In this paper, we have proposed a convenient method combining optical and SAR data for rapid urban mapping. The proposed synergy of active and passive method is able to map human settlement at an accuracy level of 99.31% and 88.01%, water body at an accuracy level of 91.92% and 77.49%, and vegetation at an accuracy level of 85.73% and 91.72% for Xuzhou and Pavia, respectively. These results are much better than results extracted from unitary remote sensing sensor shown as Table 2. In comparison with supervised classification, OA of our procedure are higher than those results from SVM classification. The advantage of the proposed procedure is obvious when compared with classification results based on mature fusion outcomes. All these demonstrate that our method has robust functionality for high accuracy rapid urban mapping in the selected research areas. The method will generate valid results so long as research area is covered by medium and/or high resolution SAR data (in our search the ERS and PALSAR data) and optical remotely sensed data with green, red, and near-infrared channels. The major contributions of this research can be concluded as follows: from an application perspective it introduces a convenient rapid urban mapping strategy, and it is one of the first studies merging optical and SAR data for urban cover status map extraction and comparing it to unitary artificial satellite sensor data. Human settlement is extracted from active PALSAR/ERS data, while water body and vegetation are obtained from passive AVNIR-2/TM data.

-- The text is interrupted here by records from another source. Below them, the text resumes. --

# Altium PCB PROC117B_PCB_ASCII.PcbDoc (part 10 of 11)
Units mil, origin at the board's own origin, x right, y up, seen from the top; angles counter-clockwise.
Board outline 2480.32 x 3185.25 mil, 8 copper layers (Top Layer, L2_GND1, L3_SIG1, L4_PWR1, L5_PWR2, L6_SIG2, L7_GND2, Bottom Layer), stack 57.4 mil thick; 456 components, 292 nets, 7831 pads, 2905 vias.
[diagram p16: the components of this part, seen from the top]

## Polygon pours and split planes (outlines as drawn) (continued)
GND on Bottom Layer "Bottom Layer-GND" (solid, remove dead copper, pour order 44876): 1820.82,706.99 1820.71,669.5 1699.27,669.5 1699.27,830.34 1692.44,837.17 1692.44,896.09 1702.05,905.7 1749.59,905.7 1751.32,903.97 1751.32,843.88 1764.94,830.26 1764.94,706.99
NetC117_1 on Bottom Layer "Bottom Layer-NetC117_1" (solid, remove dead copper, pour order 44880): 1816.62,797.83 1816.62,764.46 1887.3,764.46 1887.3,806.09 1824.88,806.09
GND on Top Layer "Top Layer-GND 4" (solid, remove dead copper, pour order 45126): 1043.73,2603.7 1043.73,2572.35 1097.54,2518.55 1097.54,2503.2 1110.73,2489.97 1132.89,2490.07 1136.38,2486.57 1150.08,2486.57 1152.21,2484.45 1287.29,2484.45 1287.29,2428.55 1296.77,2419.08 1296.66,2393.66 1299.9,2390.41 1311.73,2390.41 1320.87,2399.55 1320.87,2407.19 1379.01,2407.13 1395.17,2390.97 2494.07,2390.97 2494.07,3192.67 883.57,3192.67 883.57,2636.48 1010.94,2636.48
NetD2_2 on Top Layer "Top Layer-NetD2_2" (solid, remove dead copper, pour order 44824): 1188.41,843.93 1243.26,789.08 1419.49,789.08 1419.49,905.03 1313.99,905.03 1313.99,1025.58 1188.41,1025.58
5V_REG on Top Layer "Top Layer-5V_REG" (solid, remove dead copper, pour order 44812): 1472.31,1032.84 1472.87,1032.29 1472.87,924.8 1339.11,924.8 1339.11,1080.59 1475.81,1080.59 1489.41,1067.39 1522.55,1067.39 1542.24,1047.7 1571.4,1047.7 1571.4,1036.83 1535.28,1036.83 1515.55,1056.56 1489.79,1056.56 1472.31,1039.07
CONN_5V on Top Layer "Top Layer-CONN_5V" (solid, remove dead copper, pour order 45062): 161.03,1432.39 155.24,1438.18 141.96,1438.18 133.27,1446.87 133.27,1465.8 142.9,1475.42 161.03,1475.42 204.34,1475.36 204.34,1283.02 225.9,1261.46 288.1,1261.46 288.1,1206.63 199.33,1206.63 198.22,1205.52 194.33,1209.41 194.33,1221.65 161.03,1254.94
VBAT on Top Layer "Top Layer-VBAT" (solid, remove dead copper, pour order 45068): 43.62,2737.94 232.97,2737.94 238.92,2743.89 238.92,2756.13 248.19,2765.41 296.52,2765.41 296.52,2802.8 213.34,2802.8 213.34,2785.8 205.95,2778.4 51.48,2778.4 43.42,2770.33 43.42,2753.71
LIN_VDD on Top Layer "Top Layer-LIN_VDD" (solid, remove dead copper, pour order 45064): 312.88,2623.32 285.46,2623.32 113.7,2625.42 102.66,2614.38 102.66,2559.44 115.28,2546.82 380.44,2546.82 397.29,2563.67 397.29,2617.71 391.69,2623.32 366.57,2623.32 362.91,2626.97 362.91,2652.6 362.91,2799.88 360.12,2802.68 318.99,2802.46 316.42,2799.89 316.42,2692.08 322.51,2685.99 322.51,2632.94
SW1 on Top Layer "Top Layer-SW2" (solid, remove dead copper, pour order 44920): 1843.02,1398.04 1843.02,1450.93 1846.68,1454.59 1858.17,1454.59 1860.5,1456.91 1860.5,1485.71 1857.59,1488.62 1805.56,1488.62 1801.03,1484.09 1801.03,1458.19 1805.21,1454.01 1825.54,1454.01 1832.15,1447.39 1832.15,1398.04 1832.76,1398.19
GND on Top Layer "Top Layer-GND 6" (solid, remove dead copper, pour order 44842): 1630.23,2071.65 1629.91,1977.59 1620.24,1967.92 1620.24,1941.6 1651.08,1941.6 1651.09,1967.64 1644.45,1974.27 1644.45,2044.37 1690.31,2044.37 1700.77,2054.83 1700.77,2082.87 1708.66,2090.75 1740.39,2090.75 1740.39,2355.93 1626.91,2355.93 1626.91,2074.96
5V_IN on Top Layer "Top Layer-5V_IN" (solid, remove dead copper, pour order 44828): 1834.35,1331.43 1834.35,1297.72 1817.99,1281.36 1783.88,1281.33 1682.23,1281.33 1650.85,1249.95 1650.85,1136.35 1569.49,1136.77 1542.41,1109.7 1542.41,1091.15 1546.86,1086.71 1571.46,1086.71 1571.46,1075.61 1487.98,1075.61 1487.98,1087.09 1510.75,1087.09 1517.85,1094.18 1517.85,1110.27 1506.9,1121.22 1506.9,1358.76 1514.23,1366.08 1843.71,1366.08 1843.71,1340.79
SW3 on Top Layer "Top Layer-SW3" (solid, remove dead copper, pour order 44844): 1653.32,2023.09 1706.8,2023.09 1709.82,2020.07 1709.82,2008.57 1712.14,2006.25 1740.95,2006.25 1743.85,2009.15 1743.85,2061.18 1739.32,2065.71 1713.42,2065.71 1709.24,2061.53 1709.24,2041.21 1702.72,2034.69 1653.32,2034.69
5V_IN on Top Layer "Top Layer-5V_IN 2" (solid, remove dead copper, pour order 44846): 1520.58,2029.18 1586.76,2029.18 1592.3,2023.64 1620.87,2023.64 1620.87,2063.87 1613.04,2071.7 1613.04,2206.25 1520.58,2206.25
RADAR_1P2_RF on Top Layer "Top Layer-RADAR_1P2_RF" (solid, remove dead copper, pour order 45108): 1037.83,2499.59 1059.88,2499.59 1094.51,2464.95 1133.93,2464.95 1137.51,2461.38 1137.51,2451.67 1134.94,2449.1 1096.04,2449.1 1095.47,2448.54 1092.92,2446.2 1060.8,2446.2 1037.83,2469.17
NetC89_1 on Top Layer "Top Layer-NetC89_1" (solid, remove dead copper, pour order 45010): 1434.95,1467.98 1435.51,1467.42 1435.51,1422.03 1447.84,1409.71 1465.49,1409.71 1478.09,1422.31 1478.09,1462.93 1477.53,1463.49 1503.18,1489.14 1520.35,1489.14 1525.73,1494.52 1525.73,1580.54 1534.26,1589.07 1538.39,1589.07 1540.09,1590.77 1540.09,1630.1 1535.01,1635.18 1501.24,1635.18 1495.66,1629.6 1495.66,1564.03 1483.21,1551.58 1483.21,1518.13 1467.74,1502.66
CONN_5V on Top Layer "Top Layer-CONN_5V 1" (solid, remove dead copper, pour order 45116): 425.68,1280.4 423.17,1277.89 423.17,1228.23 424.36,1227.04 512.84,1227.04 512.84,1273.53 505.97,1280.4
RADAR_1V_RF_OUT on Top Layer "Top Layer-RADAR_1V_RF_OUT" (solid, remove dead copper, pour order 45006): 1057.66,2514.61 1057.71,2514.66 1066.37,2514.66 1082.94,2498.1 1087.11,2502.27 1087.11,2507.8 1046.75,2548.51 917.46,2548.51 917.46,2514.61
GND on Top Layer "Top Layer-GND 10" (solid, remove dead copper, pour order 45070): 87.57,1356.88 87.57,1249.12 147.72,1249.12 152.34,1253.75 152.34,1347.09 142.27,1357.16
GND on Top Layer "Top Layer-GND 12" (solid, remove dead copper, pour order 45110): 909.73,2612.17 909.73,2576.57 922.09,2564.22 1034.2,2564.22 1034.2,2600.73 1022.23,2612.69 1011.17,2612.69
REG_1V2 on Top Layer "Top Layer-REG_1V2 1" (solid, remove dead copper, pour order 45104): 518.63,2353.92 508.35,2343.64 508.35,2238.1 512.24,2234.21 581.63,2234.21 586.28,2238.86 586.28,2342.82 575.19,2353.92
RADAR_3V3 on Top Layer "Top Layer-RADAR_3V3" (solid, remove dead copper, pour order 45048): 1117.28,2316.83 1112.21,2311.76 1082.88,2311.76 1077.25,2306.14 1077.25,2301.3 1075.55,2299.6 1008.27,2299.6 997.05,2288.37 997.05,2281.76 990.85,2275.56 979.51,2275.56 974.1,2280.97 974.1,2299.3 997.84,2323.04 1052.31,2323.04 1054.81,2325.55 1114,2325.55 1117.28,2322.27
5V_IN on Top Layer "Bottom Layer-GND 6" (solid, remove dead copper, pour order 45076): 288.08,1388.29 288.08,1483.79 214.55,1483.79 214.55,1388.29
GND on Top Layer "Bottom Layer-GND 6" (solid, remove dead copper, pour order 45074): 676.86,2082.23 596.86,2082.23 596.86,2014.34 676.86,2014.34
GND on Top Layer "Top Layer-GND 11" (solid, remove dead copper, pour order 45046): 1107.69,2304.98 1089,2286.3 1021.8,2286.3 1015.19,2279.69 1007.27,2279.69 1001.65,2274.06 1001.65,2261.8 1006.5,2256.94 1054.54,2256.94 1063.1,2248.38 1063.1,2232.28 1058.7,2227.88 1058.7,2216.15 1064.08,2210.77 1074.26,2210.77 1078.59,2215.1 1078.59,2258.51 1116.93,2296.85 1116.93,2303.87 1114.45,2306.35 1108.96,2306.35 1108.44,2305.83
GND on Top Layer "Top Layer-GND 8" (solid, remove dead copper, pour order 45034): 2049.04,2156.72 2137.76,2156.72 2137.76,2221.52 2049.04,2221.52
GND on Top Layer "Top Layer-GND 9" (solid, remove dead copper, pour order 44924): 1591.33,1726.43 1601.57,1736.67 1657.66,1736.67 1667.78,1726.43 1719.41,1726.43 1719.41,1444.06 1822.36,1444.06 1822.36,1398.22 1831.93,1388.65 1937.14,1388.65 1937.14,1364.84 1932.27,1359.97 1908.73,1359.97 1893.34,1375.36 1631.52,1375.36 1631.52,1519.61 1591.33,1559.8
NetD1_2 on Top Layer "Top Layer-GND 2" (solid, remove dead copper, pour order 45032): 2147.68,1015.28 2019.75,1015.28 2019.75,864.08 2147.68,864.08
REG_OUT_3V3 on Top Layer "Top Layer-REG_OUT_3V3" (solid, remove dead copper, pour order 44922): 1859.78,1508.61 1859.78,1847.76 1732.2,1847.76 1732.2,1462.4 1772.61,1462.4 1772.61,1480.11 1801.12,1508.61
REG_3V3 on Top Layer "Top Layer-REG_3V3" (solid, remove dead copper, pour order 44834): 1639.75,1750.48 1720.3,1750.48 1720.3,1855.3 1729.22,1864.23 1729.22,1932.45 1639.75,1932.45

Nevertheless, the proposed strategy does have some limitations. The most obvious aspect is that the proposed method is on the basis of texture information of SAR data and the very specific spectral band of optical data. For instance, human settlement extraction step does not work well or even does not work for SAR data with very coarse resolution, while optical data without near-infrared channel should switch to another solution for water body or vegetation extraction, yet seldom aircraft remote sensing sensor would be missing these commonly used bands. The other limitation is that the finally extracted results of vegetation and water body land cover types will be affected by threshold, and there should be different thresholds for different research area.

Conflicts of Interest

The authors declare that they have no conflicts of interest.


This paper is supported by the National Natural Science Foundation of China under Grants nos. 41601450 and 41401403; the Key Research Project Plan of Colleges and Universities in Henan Province (no. 16A420004), and Ph.D. Fund of Henan Polytechnic University (nos. B2015-20, B2014-018). The authors would like to give their sincere thanks to Professor Peijun Du from Nanjing University for his suggestions and Professor Paolo Gamba from University of Pavia (UNIPV), Italy, for his suggestion of this research and providing ERS and Landsat data over Pavia area.